══ SUPPLIED ENTRIES

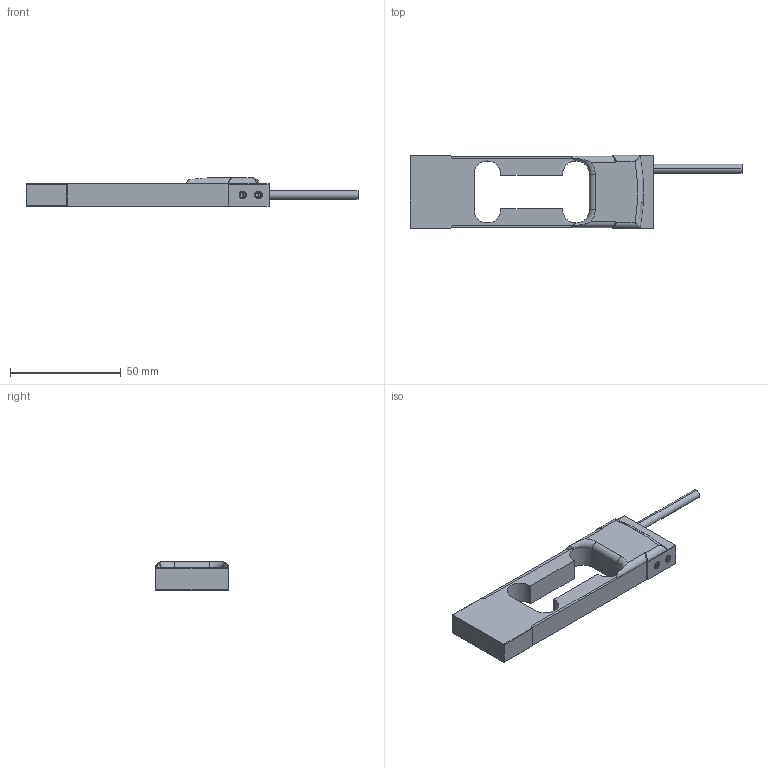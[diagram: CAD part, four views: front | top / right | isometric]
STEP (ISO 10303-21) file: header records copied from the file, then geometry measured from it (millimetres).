
FILE_DESCRIPTION (( 'STEP AP203' ), '1' );
FILE_NAME ('LCE08.STEP', '2024-11-28T08:16:23', ( '' ), ( '' ), 'SwSTEP 2.0', 'SolidWorks 2019', '' );
FILE_SCHEMA (( 'CONFIG_CONTROL_DESIGN' ));
Length unit declared in the file: millimetre
Products named in the file (1): LCE08
Bounding box: 150 x 33 x 12.7 mm (x, y, z)
Volume: 27708.3 mm3; surface area: 15473.1 mm2
Topology: 5 solids, 5 shells, 272 faces, 744 edges, 478 vertices
Faces by surface type: cylinder 177, plane 62, cone 16, bspline 12, torus 5
Entity records: 29265 total; most frequent: CARTESIAN_POINT 23366, ORIENTED_EDGE 1472, DIRECTION 975, EDGE_CURVE 736, VERTEX_POINT 478, AXIS2_PLACEMENT_3D 327, LINE 321, VECTOR 321

════

> **TASK ITEM**:
Reproduce exactly the lines from the one containing "STEP (ISO 10303-21)" through the last line of the records, both included, and nothing else.

> **SOLUTION FOR THIS TASK**:
STEP (ISO 10303-21) file: header records copied from the file, then geometry measured from it (millimetres).
FILE_DESCRIPTION (( 'STEP AP203' ), '1' );
FILE_NAME ('LCE08.STEP', '2024-11-28T08:16:23', ( '' ), ( '' ), 'SwSTEP 2.0', 'SolidWorks 2019', '' );
FILE_SCHEMA (( 'CONFIG_CONTROL_DESIGN' ));
Length unit declared in the file: millimetre
Products named in the file (1): LCE08
Bounding box: 150 x 33 x 12.7 mm (x, y, z)
Volume: 27708.3 mm3; surface area: 15473.1 mm2
Topology: 5 solids, 5 shells, 272 faces, 744 edges, 478 vertices
Faces by surface type: cylinder 177, plane 62, cone 16, bspline 12, torus 5
Entity records: 29265 total; most frequent: CARTESIAN_POINT 23366, ORIENTED_EDGE 1472, DIRECTION 975, EDGE_CURVE 736, VERTEX_POINT 478, AXIS2_PLACEMENT_3D 327, LINE 321, VECTOR 321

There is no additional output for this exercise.